### EXERCISE OBJECTIVE
Could you transcribe every record below exactly as written, leaving out any pictures?

Records contained in a dataset

——————————

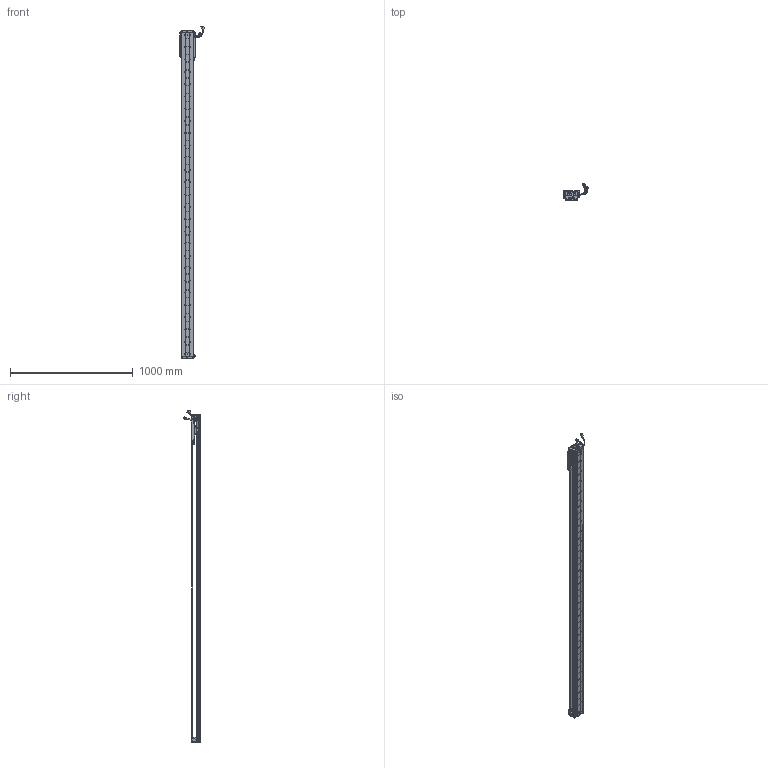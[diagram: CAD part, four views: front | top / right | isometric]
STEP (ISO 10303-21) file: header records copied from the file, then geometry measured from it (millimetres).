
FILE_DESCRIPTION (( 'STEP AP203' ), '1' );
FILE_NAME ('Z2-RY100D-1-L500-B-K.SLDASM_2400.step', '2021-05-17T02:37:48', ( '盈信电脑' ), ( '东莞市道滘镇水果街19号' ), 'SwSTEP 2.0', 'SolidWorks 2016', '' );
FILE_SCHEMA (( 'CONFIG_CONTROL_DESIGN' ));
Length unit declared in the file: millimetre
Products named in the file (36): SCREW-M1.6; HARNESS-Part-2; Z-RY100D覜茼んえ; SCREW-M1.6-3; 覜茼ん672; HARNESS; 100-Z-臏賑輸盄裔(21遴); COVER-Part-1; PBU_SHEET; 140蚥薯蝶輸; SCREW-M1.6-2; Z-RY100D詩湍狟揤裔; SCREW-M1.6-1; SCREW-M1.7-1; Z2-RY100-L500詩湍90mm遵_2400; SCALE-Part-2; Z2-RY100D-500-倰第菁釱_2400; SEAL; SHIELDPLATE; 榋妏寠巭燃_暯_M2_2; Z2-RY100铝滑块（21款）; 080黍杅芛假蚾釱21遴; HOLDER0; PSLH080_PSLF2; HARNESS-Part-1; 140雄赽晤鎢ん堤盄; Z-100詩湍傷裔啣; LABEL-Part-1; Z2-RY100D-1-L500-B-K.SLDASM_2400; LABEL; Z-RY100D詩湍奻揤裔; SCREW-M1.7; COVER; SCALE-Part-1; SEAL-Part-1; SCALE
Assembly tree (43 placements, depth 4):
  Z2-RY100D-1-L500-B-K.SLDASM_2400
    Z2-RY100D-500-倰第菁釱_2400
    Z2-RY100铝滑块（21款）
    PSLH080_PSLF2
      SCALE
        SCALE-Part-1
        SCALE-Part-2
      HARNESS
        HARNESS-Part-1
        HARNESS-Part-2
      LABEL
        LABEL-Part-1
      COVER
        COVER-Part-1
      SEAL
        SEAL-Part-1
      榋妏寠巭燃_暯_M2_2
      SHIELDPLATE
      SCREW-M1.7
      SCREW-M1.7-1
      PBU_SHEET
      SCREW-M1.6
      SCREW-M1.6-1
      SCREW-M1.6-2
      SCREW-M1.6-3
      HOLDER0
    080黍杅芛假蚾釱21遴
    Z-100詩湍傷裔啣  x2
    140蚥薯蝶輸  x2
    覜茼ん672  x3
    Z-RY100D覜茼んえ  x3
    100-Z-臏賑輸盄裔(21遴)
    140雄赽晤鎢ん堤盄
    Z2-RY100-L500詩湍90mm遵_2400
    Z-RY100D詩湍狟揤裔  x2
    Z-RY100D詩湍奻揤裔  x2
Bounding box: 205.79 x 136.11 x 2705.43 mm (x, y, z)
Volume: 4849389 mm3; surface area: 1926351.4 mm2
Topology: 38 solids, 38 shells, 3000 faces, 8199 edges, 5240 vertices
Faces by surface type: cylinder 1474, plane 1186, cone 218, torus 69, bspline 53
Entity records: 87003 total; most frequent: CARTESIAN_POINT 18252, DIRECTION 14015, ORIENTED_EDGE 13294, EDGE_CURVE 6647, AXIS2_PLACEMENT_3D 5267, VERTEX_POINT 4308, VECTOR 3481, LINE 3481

——————————

### RESPONSE TO THIS TASK
[diagram: CAD part, four views: front | top / right | isometric]
STEP (ISO 10303-21) file: header records copied from the file, then geometry measured from it (millimetres).
FILE_DESCRIPTION (( 'STEP AP203' ), '1' );
FILE_NAME ('Z2-RY100D-1-L500-B-K.SLDASM_2400.step', '2021-05-17T02:37:48', ( '盈信电脑' ), ( '东莞市道滘镇水果街19号' ), 'SwSTEP 2.0', 'SolidWorks 2016', '' );
FILE_SCHEMA (( 'CONFIG_CONTROL_DESIGN' ));
Length unit declared in the file: millimetre
Products named in the file (36): SCREW-M1.6; HARNESS-Part-2; Z-RY100D覜茼んえ; SCREW-M1.6-3; 覜茼ん672; HARNESS; 100-Z-臏賑輸盄裔(21遴); COVER-Part-1; PBU_SHEET; 140蚥薯蝶輸; SCREW-M1.6-2; Z-RY100D詩湍狟揤裔; SCREW-M1.6-1; SCREW-M1.7-1; Z2-RY100-L500詩湍90mm遵_2400; SCALE-Part-2; Z2-RY100D-500-倰第菁釱_2400; SEAL; SHIELDPLATE; 榋妏寠巭燃_暯_M2_2; Z2-RY100铝滑块（21款）; 080黍杅芛假蚾釱21遴; HOLDER0; PSLH080_PSLF2; HARNESS-Part-1; 140雄赽晤鎢ん堤盄; Z-100詩湍傷裔啣; LABEL-Part-1; Z2-RY100D-1-L500-B-K.SLDASM_2400; LABEL; Z-RY100D詩湍奻揤裔; SCREW-M1.7; COVER; SCALE-Part-1; SEAL-Part-1; SCALE
Assembly tree (43 placements, depth 4):
  Z2-RY100D-1-L500-B-K.SLDASM_2400
    Z2-RY100D-500-倰第菁釱_2400
    Z2-RY100铝滑块（21款）
    PSLH080_PSLF2
      SCALE
        SCALE-Part-1
        SCALE-Part-2
      HARNESS
        HARNESS-Part-1
        HARNESS-Part-2
      LABEL
        LABEL-Part-1
      COVER
        COVER-Part-1
      SEAL
        SEAL-Part-1
      榋妏寠巭燃_暯_M2_2
      SHIELDPLATE
      SCREW-M1.7
      SCREW-M1.7-1
      PBU_SHEET
      SCREW-M1.6
      SCREW-M1.6-1
      SCREW-M1.6-2
      SCREW-M1.6-3
      HOLDER0
    080黍杅芛假蚾釱21遴
    Z-100詩湍傷裔啣  x2
    140蚥薯蝶輸  x2
    覜茼ん672  x3
    Z-RY100D覜茼んえ  x3
    100-Z-臏賑輸盄裔(21遴)
    140雄赽晤鎢ん堤盄
    Z2-RY100-L500詩湍90mm遵_2400
    Z-RY100D詩湍狟揤裔  x2
    Z-RY100D詩湍奻揤裔  x2
Bounding box: 205.79 x 136.11 x 2705.43 mm (x, y, z)
Volume: 4849389 mm3; surface area: 1926351.4 mm2
Topology: 38 solids, 38 shells, 3000 faces, 8199 edges, 5240 vertices
Faces by surface type: cylinder 1474, plane 1186, cone 218, torus 69, bspline 53
Entity records: 87003 total; most frequent: CARTESIAN_POINT 18252, DIRECTION 14015, ORIENTED_EDGE 13294, EDGE_CURVE 6647, AXIS2_PLACEMENT_3D 5267, VERTEX_POINT 4308, VECTOR 3481, LINE 3481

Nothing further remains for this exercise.